I have used limiters in two scenario, one to make my home broadband not collapse whilst downloading.
The other to manage a busy server behind pfSense when it has upload saturation.
On the server I found under certain loads throughput would collapse on a per user basis but the overall throughput would be very high, this made me think lots of retransmits are happening which might be explained by out of order packets. If I disabled shaping, the quality metrics of the interface went to pot but individual users got much better performance.
On my broadband I needed to tame the download, so e.g. downloading a steam game would prevent me watching a VOD or stream at same time, as the download took over the connection, fq_codel failed miserably. I am not sure this one would be out of order related, but what I did discover is if I didnt utilise the queue system, so just used a pipe, it behaved much better, I had to use basic codel as fq_codel cannot be used when dummynet is used in this way. Even basic FIFO makes fq_codel look the fool in this configuration.

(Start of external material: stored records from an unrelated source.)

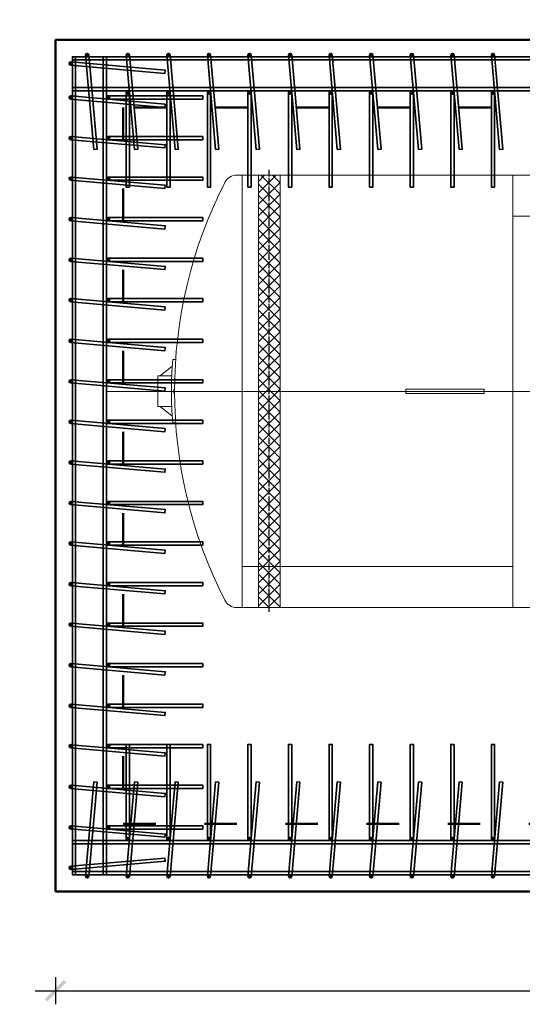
# Model space of a CAD drawing. Header units: millimetres. Extents: x 1814 to 94182, y 11562 to 49454.
# Tile 5 of 143: x 11195 to 11381, y 12368 to 12733. Entities that reach past the tile are written whole.
import ezdxf

# ---------------------------------------------------------------- set-up
doc = ezdxf.new("R2010")
doc.units = ezdxf.units.MM
doc.linetypes.add('ACAD_ISO03W100', pattern=[30, 12, -18])
doc.linetypes.add('ACAD_ISO04W100', pattern=[30, 24, -3, 0, -3])
doc.layers.add('LAFON', color=4, linetype='Continuous')
doc.layers.add('osie', color=40, linetype='ACAD_ISO04W100')
doc.layers.add('podkład', color=252, linetype='Continuous', lineweight=9, plot=False)
for name, color, linetype, lineweight in [('widok 0.35', 22, 'Continuous', 35), ('wymiar', 135, 'Continuous', 9), ('ściany', 7, 'Continuous', 50)]:
    doc.layers.add(name, color=color, linetype=linetype, lineweight=lineweight)
doc.styles.add('WYMIARY', font='simplex.shx', dxfattribs={"oblique": 15})
doc.dimstyles.new('1-50', dxfattribs={"dimscale": 50, "dimtxt": 0.16, "dimasz": 0.2, "dimexe": 0.1, "dimexo": 0.1, "dimgap": 0.075, "dimtad": 1, "dimdec": 1, "dimrnd": 0.1, "dimzin": 9, "dimtxsty": 'WYMIARY', "dimblk": 'ARCHTICK', "dimcen": 0.2, "dimdle": 0.15, "dimadec": 1, "dimazin": 1, "dimtfac": 1, "dimtdec": 1, "dimtix": 1, "dimtmove": 2, "dimatfit": 3, "dimldrblk": 'ARCHTICK', "dimfxl": 0, "dimarcsym": 0})

# ---------------------------------------------------------------- blocks, each defined once
blk = doc.blocks.new('_ARCHTICK')
at = {"color": 0, "linetype": 'ByBlock', "lineweight": -2}
blk.add_solid([(0.398, 0.309), (0.309, 0.398), (-0.309, -0.398), (-0.398, -0.309)], dxfattribs=at)
blk = doc.blocks.new('*D3307')
at = {"layer": 'Defpoints', "color": 0}
for p in [(11208.4, 12410.09), (11844.4, 12410.09), (11844.4, 12373.34)]:
    blk.add_point(p, dxfattribs=at)
at = {"layer": 'wymiar', "color": 0, "lineweight": -2}
for p, q in [((11208.4, 12378.34), (11208.4, 12368.34)), ((11844.4, 12378.34), (11844.4, 12368.34)), ((11200.9, 12373.34), (11851.9, 12373.34))]:
    blk.add_line(p, q, dxfattribs=at)
at = {"layer": 'wymiar', "color": 0, "lineweight": -2, "xscale": 10, "yscale": 10, "zscale": 10, "rotation": 180}
blk.add_blockref('_ARCHTICK', (11208.4, 12373.34), dxfattribs=at)
at = {"layer": 'wymiar', "color": 0, "lineweight": -2, "xscale": 10, "yscale": 10, "zscale": 10}
blk.add_blockref('_ARCHTICK', (11844.4, 12373.34), dxfattribs=at)
at = {"layer": 'wymiar', "color": 0, "insert": (11526.4, 12381.09), "char_height": 8, "attachment_point": 5, "style": 'WYMIARY'}
blk.add_mtext('636', dxfattribs=at)
blk = doc.blocks.new('*D3308')
at = {"layer": 'Defpoints', "color": 0}
for p in [(11168.07, 12725.09), (11208.4, 12725.09), (11208.4, 12410.09)]:
    blk.add_point(p, dxfattribs=at)
at = {"layer": 'wymiar', "color": 0, "lineweight": -2}
for p, q in [((11168.07, 12402.59), (11168.07, 12732.59)), ((11173.07, 12725.09), (11163.07, 12725.09)), ((11173.07, 12410.09), (11163.07, 12410.09))]:
    blk.add_line(p, q, dxfattribs=at)
at = {"layer": 'wymiar', "color": 0, "lineweight": -2, "xscale": 10, "yscale": 10, "zscale": 10}
for p, rotation in [((11168.07, 12725.09), 90), ((11168.07, 12410.09), 270)]:
    blk.add_blockref('_ARCHTICK', p, dxfattribs=dict(at, rotation=rotation))
at = {"layer": 'wymiar', "color": 0, "insert": (11160.32, 12567.59), "char_height": 8, "attachment_point": 5, "rotation": 90, "style": 'WYMIARY'}
blk.add_mtext('315', dxfattribs=at)
blk = doc.blocks.new('A$C362D00BD')
for p, q in [((54.8, 234), (64.5, 234)), ((53, 209.9), (8.7, 174)), ((0, 174), (0, 60)), ((0, 174), (51.1, 174)), ((0, 60), (51.1, 60)), ((53, 24.1), (8.7, 60)), ((54.8, 0), (64.5, 0))]:
    blk.add_line(p, q)
blk.add_arc((1474.1, 117), 1424.1, 175.2874, 184.7126)
blk = doc.blocks.new('A$C6CB4776E')
at = {"xscale": -1}
blk.add_blockref('A$C362D00BD', (64.5, 0), dxfattribs=at)
blk = doc.blocks.new('*U3330')
blk.add_line((0, 800), (0, -800))
blk = doc.blocks.new('*U3331')
at = {"color": 0, "linetype": 'ByBlock', "lineweight": -2}
blk.add_blockref('*U3330', (-4000, 0), dxfattribs=at)
blk = doc.blocks.new('op')
at = {"layer": 'LAFON'}
h = blk.add_hatch(dxfattribs=at)
h.set_pattern_fill('_USER', color=256, scale=30, angle=45, style=0, double=1, pattern_type=0)
h.set_pattern_definition([(45, (-1086.166, 49718.82), (-21.213203, 21.213203), []), (135, (-1086.166, 49718.82), (-21.213203, -21.213203), [])])
h.paths.add_polyline_path([(40, 1615.7), (0, 1615.7), (0, 15.7), (40, 15.7)])
h.paths.add_polyline_path([(0, 1615.7), (-40, 1615.7), (-40, 15.7), (0, 15.7)])
for p, q in [((-40, 1615.7), (40, 1615.7)), ((-40, 1615.7), (-40, 15.7)), ((40, 1615.7), (40, 15.7)), ((-40, 15.7), (40, 15.7))]:
    blk.add_line(p, q)
at = {"layer": 'osie'}
blk.add_line((0, 0), (0, 1635.3), dxfattribs=at)
blk = doc.blocks.new('A$C411abe58')
for p, q in [((484.13067, 1615.68009), (5503.82452, 1615.68009)), ((503.82452, 1615.68009), (503.82452, 15.68009)), ((503.82452, 1615.68009), (503.82452, 15.68009)), ((503.82452, 1615.68009), (503.82452, 15.68009)), ((3503.82452, 1463.79714), (1503.82452, 1463.79714)), ((251.08277, 823.23065), (251.08277, 807.23065)), ((1108.82452, 823.23065), (1398.82452, 823.23065)), ((1108.82452, 807.23065), (1398.82452, 807.23065)), ((1398.82452, 823.23065), (1398.82452, 807.23065)), ((503.82452, 167.56304), (1503.82452, 167.56304)), ((484.13067, 15.68009), (5523.51837, 15.68009))]:
    blk.add_line(p, q)
at = {"lineweight": 0}
blk.add_line((0, 815.68009), (6094.25816, 815.68009), dxfattribs=at)
blk.add_lwpolyline([(1108.82452, 823.23065), (1398.82452, 823.23065), (1398.82452, 807.23065), (1108.82452, 807.23065)], close=True)
for centre, radius, start, end in [((484.13067, 1565.68009), 50, 90, 152.96430821), ((1953.82452, 815.68009), 1700, 152.96430821, 207.03569179), ((484.13067, 65.68009), 50, 207.03569179, 270)]:
    blk.add_arc(centre, radius, start, end)
for name, p in [('op', (603.82452, 0)), ('*U3331', (5503.82452, 815.68009))]:
    blk.add_blockref(name, p)
at = {"xscale": -1}
blk.add_blockref('A$C6CB4776E', (256.5155, 699.40501), dxfattribs=at)

msp = doc.modelspace()

# ---------------------------------------------------------------- hatches: boundary and pattern name
at = {"layer": 'widok 0.35'}
h = msp.add_hatch(color=256, dxfattribs=at)
h.dxf.hatch_style = 1
h.paths.add_polyline_path([(11219.5, 12719.492, 1), (11220.7, 12719.492, 1)])
h = msp.add_hatch(color=256, dxfattribs=at)
h.dxf.hatch_style = 1
h.paths.add_polyline_path([(11234.5, 12719.492, 1), (11235.7, 12719.492, 1)])
h = msp.add_hatch(color=256, dxfattribs=at)
h.dxf.hatch_style = 1
h.paths.add_polyline_path([(11249.5, 12719.492, 1), (11250.7, 12719.492, 1)])
h = msp.add_hatch(color=256, dxfattribs=at)
h.dxf.hatch_style = 1
h.paths.add_polyline_path([(11264.5, 12719.492, 1), (11265.7, 12719.492, 1)])
h = msp.add_hatch(color=256, dxfattribs=at)
h.dxf.hatch_style = 1
h.paths.add_polyline_path([(11279.5, 12719.492, 1), (11280.7, 12719.492, 1)])
h = msp.add_hatch(color=256, dxfattribs=at)
h.dxf.hatch_style = 1
h.paths.add_polyline_path([(11294.5, 12719.492, 1), (11295.7, 12719.492, 1)])
h = msp.add_hatch(color=256, dxfattribs=at)
h.dxf.hatch_style = 1
h.paths.add_polyline_path([(11309.5, 12719.492, 1), (11310.7, 12719.492, 1)])
h = msp.add_hatch(color=256, dxfattribs=at)
h.dxf.hatch_style = 1
h.paths.add_polyline_path([(11324.5, 12719.492, 1), (11325.7, 12719.492, 1)])
h = msp.add_hatch(color=256, dxfattribs=at)
h.dxf.hatch_style = 1
h.paths.add_polyline_path([(11339.5, 12719.492, 1), (11340.7, 12719.492, 1)])
h = msp.add_hatch(color=256, dxfattribs=at)
h.dxf.hatch_style = 1
h.paths.add_polyline_path([(11354.5, 12719.492, 1), (11355.7, 12719.492, 1)])
h = msp.add_hatch(color=256, dxfattribs=at)
h.dxf.hatch_style = 1
h.paths.add_polyline_path([(11369.5, 12719.492, 1), (11370.7, 12719.492, 1)])
h = msp.add_hatch(color=256, dxfattribs=at)
h.dxf.hatch_style = 1
h.paths.add_polyline_path([(11214.6, 12716.392, 1), (11213.4, 12716.392, 1)])
h = msp.add_hatch(color=256, dxfattribs=at)
h.dxf.hatch_style = 1
h.paths.add_polyline_path([(11234.5, 12705.692, 1), (11235.7, 12705.692, 1)])
h = msp.add_hatch(color=256, dxfattribs=at)
h.dxf.hatch_style = 1
h.paths.add_polyline_path([(11249.5, 12705.692, 1), (11250.7, 12705.692, 1)])
h = msp.add_hatch(color=256, dxfattribs=at)
h.dxf.hatch_style = 1
h.paths.add_polyline_path([(11264.5, 12705.692, 1), (11265.7, 12705.692, 1)])
h = msp.add_hatch(color=256, dxfattribs=at)
h.dxf.hatch_style = 1
h.paths.add_polyline_path([(11279.5, 12705.692, 1), (11280.7, 12705.692, 1)])
h = msp.add_hatch(color=256, dxfattribs=at)
h.dxf.hatch_style = 1
h.paths.add_polyline_path([(11294.5, 12705.692, 1), (11295.7, 12705.692, 1)])
h = msp.add_hatch(color=256, dxfattribs=at)
h.dxf.hatch_style = 1
h.paths.add_polyline_path([(11309.5, 12705.692, 1), (11310.7, 12705.692, 1)])
h = msp.add_hatch(color=256, dxfattribs=at)
h.dxf.hatch_style = 1
h.paths.add_polyline_path([(11324.5, 12705.692, 1), (11325.7, 12705.692, 1)])
h = msp.add_hatch(color=256, dxfattribs=at)
h.dxf.hatch_style = 1
h.paths.add_polyline_path([(11339.5, 12705.692, 1), (11340.7, 12705.692, 1)])
h = msp.add_hatch(color=256, dxfattribs=at)
h.dxf.hatch_style = 1
h.paths.add_polyline_path([(11354.5, 12705.692, 1), (11355.7, 12705.692, 1)])
h = msp.add_hatch(color=256, dxfattribs=at)
h.dxf.hatch_style = 1
h.paths.add_polyline_path([(11369.5, 12705.692, 1), (11370.7, 12705.692, 1)])
h = msp.add_hatch(color=256, dxfattribs=at)
h.dxf.hatch_style = 1
h.paths.add_polyline_path([(11214.6, 12703.792, 1), (11213.4, 12703.792, 1)])
h = msp.add_hatch(color=256, dxfattribs=at)
h.dxf.hatch_style = 1
h.paths.add_polyline_path([(11228.4, 12703.792, 1), (11227.2, 12703.792, 1)])
h = msp.add_hatch(color=256, dxfattribs=at)
h.dxf.hatch_style = 1
h.paths.add_polyline_path([(11214.6, 12688.792, 1), (11213.4, 12688.792, 1)])
h = msp.add_hatch(color=256, dxfattribs=at)
h.dxf.hatch_style = 1
h.paths.add_polyline_path([(11228.4, 12688.792, 1), (11227.2, 12688.792, 1)])
h = msp.add_hatch(color=256, dxfattribs=at)
h.dxf.hatch_style = 1
h.paths.add_polyline_path([(11214.6, 12673.792, 1), (11213.4, 12673.792, 1)])
h = msp.add_hatch(color=256, dxfattribs=at)
h.dxf.hatch_style = 1
h.paths.add_polyline_path([(11228.4, 12673.792, 1), (11227.2, 12673.792, 1)])
h = msp.add_hatch(color=256, dxfattribs=at)
h.dxf.hatch_style = 1
h.paths.add_polyline_path([(11214.6, 12658.792, 1), (11213.4, 12658.792, 1)])
h = msp.add_hatch(color=256, dxfattribs=at)
h.dxf.hatch_style = 1
h.paths.add_polyline_path([(11228.4, 12658.792, 1), (11227.2, 12658.792, 1)])
h = msp.add_hatch(color=256, dxfattribs=at)
h.dxf.hatch_style = 1
h.paths.add_polyline_path([(11214.6, 12643.792, 1), (11213.4, 12643.792, 1)])
h = msp.add_hatch(color=256, dxfattribs=at)
h.dxf.hatch_style = 1
h.paths.add_polyline_path([(11228.4, 12643.792, 1), (11227.2, 12643.792, 1)])
h = msp.add_hatch(color=256, dxfattribs=at)
h.dxf.hatch_style = 1
h.paths.add_polyline_path([(11214.6, 12628.792, 1), (11213.4, 12628.792, 1)])
h = msp.add_hatch(color=256, dxfattribs=at)
h.dxf.hatch_style = 1
h.paths.add_polyline_path([(11228.4, 12628.792, 1), (11227.2, 12628.792, 1)])
h = msp.add_hatch(color=256, dxfattribs=at)
h.dxf.hatch_style = 1
h.paths.add_polyline_path([(11214.6, 12613.792, 1), (11213.4, 12613.792, 1)])
h = msp.add_hatch(color=256, dxfattribs=at)
h.dxf.hatch_style = 1
h.paths.add_polyline_path([(11228.4, 12613.792, 1), (11227.2, 12613.792, 1)])
h = msp.add_hatch(color=256, dxfattribs=at)
h.dxf.hatch_style = 1
h.paths.add_polyline_path([(11214.6, 12598.792, 1), (11213.4, 12598.792, 1)])
h = msp.add_hatch(color=256, dxfattribs=at)
h.dxf.hatch_style = 1
h.paths.add_polyline_path([(11228.4, 12598.792, 1), (11227.2, 12598.792, 1)])
h = msp.add_hatch(color=256, dxfattribs=at)
h.dxf.hatch_style = 1
h.paths.add_polyline_path([(11214.6, 12583.792, 1), (11213.4, 12583.792, 1)])
h = msp.add_hatch(color=256, dxfattribs=at)
h.dxf.hatch_style = 1
h.paths.add_polyline_path([(11228.4, 12583.792, 1), (11227.2, 12583.792, 1)])
h = msp.add_hatch(color=256, dxfattribs=at)
h.dxf.hatch_style = 1
h.paths.add_polyline_path([(11214.6, 12568.792, 1), (11213.4, 12568.792, 1)])
h = msp.add_hatch(color=256, dxfattribs=at)
h.dxf.hatch_style = 1
h.paths.add_polyline_path([(11228.4, 12568.792, 1), (11227.2, 12568.792, 1)])
h = msp.add_hatch(color=256, dxfattribs=at)
h.dxf.hatch_style = 1
h.paths.add_polyline_path([(11214.6, 12553.792, 1), (11213.4, 12553.792, 1)])
h = msp.add_hatch(color=256, dxfattribs=at)
h.dxf.hatch_style = 1
h.paths.add_polyline_path([(11228.4, 12553.792, 1), (11227.2, 12553.792, 1)])
h = msp.add_hatch(color=256, dxfattribs=at)
h.dxf.hatch_style = 1
h.paths.add_polyline_path([(11214.6, 12538.792, 1), (11213.4, 12538.792, 1)])
h = msp.add_hatch(color=256, dxfattribs=at)
h.dxf.hatch_style = 1
h.paths.add_polyline_path([(11228.4, 12538.792, 1), (11227.2, 12538.792, 1)])
h = msp.add_hatch(color=256, dxfattribs=at)
h.dxf.hatch_style = 1
h.paths.add_polyline_path([(11214.6, 12523.792, 1), (11213.4, 12523.792, 1)])
h = msp.add_hatch(color=256, dxfattribs=at)
h.dxf.hatch_style = 1
h.paths.add_polyline_path([(11228.4, 12523.792, 1), (11227.2, 12523.792, 1)])
h = msp.add_hatch(color=256, dxfattribs=at)
h.dxf.hatch_style = 1
h.paths.add_polyline_path([(11214.6, 12508.792, 1), (11213.4, 12508.792, 1)])
h = msp.add_hatch(color=256, dxfattribs=at)
h.dxf.hatch_style = 1
h.paths.add_polyline_path([(11228.4, 12508.792, 1), (11227.2, 12508.792, 1)])
h = msp.add_hatch(color=256, dxfattribs=at)
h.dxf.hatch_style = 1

Now on FTTP things are much better and I have no shaping but am considering some downstream shaping as its still a little problematic, and adding a delay of 10ms if it forces the fast io to not be used might be worth it.
Sadly the state of fast i/o bypass being commented out as a lazy way to fix a bug, and then left like that for years is not unknown for FreeBSD now days.
Also taken note of P L's findings as well, thank you.